Seus lábios perfeitamente colados aos meus quando nos beijam e sua respiração entrecortada.

— Chegamos! 

Papai anuncia.
Sei que não vamos ficar tanto tempo na praia, mas gosto da sensação do vento sobre meus cabelos enquanto caminhamos sobre a areia, gosto de vê-lo feliz à medida que segura meu ombro, analisando-me vez ou outra.

Eu gosto dessa parte de estar vivo, nessa pequena parte onde não há necessidade de preocupação, ou algo que me faça calcular a quantidade de remédios que tomo, se o tratamento que fiz terá ou não efeitos positivos a longo prazo, ou se o huntington não irá aparecer explodindo como uma bomba relógio me tirando as expectativas que só agora consegui criar.
Gosto de ser apenas eu mesmo aqui, enquanto deslizo meus dedos aos de papai e seguro o seu polegar como fazia quando bem pequeno.
A volta para casa também foi tranquila, conversamos e rimos enquanto Coldplay tocava no rádio, pela primeira vez em muito tempo realmente me senti leve, vivo e de algum modo satisfeito comigo mesmo. 
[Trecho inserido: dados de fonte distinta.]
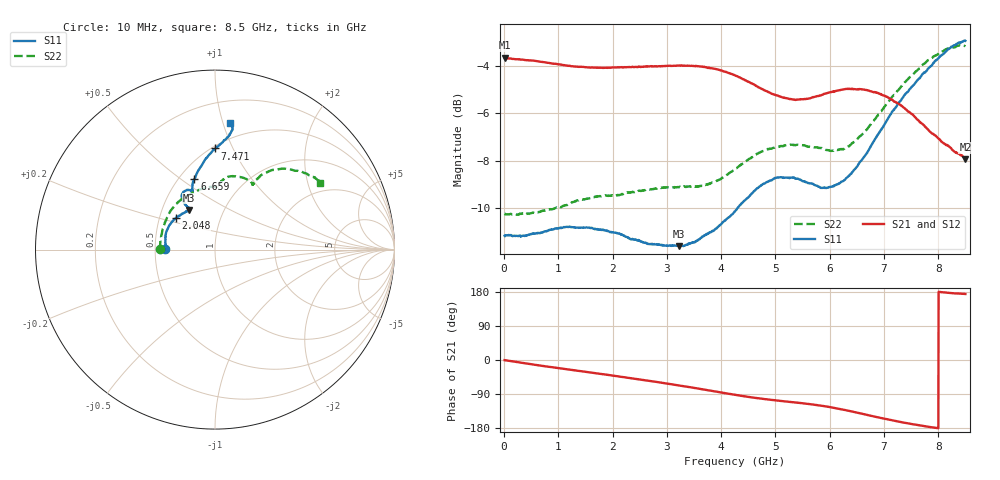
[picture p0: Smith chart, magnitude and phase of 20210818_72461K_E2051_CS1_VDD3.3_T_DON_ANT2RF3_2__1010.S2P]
!Agilent Technologies,E5071C,MY46417908,A.11.23
!Date: Wed Aug 18 14:29:51 2021
!Data & Calibration Information:
!Freq	S11:SOLT2(ON)	S21:SOLT2(ON)	S12:SOLT2(ON)	S22:SOLT2(ON)
!PortZ  Port1:50+j0  Port2:50+j0
!Above PortZ is port z conversion or system Z0 setting when saving the data.
!When reading, reference impedance value at option line is always used.
# Hz S dB R 50
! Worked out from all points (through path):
!   1601 points, 10 MHz to 8.5 GHz, reference 50 ohm
!   highest |S21| = -3.66 dB at 10 MHz (marker M1); lowest = -7.9 dB at 8.5 GHz (marker M2)
!   group delay of S21, straight-line fit = 61.7 ps
!   lowest |S11| = -11.6 dB at 3.22 GHz (marker M3), VSWR 1.71, Z = 34.3 + j16.3 ohm
!   |S11| at or under -10 dB: start of sweep to 4.297 GHz
!   |S22| runs from -10.3 to -3.1 dB; largest |S21 - S12| = 0.0038
!   S11 on the Smith chart (normalised r, x): 10 MHz: 0.57, +0.00; 2.048 GHz: 0.61, +0.23; 6.659 GHz: 0.60, +0.56; 7.471 GHz: 0.52, +0.86; 8.5 GHz: 0.37, +1.06
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1e7  -11.15 179.6  -3.66 -0.4  -3.66 -0.4  -10.22 179.8
5.671562e8  -11.07 171.3  -3.79 -12.5  -3.78 -12.5  -10.20 164.0
9.65125e8  -10.85 164.1  -3.92 -20.9  -3.91 -20.9  -9.97 151.7
1.426769e9  -10.81 154.7  -4.04 -29.9  -4.04 -29.9  -9.63 136.6
2.0476e9  -11.03 141.4  -4.06 -41.9  -4.07 -41.9  -9.46 117.3
2.843538e9  -11.53 126.1  -4.01 -58.6  -4.01 -58.7  -9.15 97.2
3.220281e9  -11.59 122.9  -3.99 -67.0  -3.99 -67.0  -9.11 91.9
3.692538e9  -11.13 122.0  -4.04 -78.2  -4.04 -78.3  -9.01 87.7
4.255e9  -10.13 123.3  -4.40 -91.8  -4.39 -91.8  -8.35 84.6
4.615825e9  -9.26 122.4  -4.80 -99.7  -4.80 -99.6  -7.77 80.6
5.003181e9  -8.73 118.9  -5.23 -106.5  -5.24 -106.5  -7.44 73.5
5.411762e9  -8.76 114.3  -5.42 -112.7  -5.43 -112.7  -7.32 65.4
5.671769e9  -8.96 112.1  -5.34 -117.1  -5.36 -117.2  -7.42 61.8
5.91055e9  -9.15 111.1  -5.17 -122.1  -5.20 -122.2  -7.52 60.3
6.191781e9  -8.93 111.0  -5.02 -129.3  -5.03 -129.5  -7.52 60.0
6.658731e9  -7.74 106.2  -5.01 -143.9  -5.00 -144.0  -6.74 59.1
7.088538e9  -6.16 97.4  -5.35 -157.4  -5.35 -157.5  -5.49 55.3
7.470588e9  -4.98 89.8  -5.95 -168.0  -5.95 -168.0  -4.49 49.0
7.714675e9  -4.34 85.5  -6.46 -174.0  -6.46 -174.1  -3.95 43.7
8.022438e9  -3.61 82.2  -7.09 179.6  -7.05 179.6  -3.45 37.8
8.351425e9  -3.06 82.4  -7.68 175.6  -7.64 175.6  -3.15 33.4
8.5e9  -2.94 83.1  -7.94 174.2  -7.86 174.2  -3.18 32.1

Ao chegar em casa, mamãe pediu ajuda para fazer biscoitos, e papai acabou resolvendo todos os afazeres do trabalho e passando para me visitar, ao que vez ou outra aparecia no quarto para me olhar.
Taehyung surgiu a noite, sendo responsável por ficar comigo, ele me ajudou com o banho e depois fez cafuné em meus cabelos até finalmente adormecermos juntos.
Sonhei com a felicidade, mesmo ela estando ao meu lado.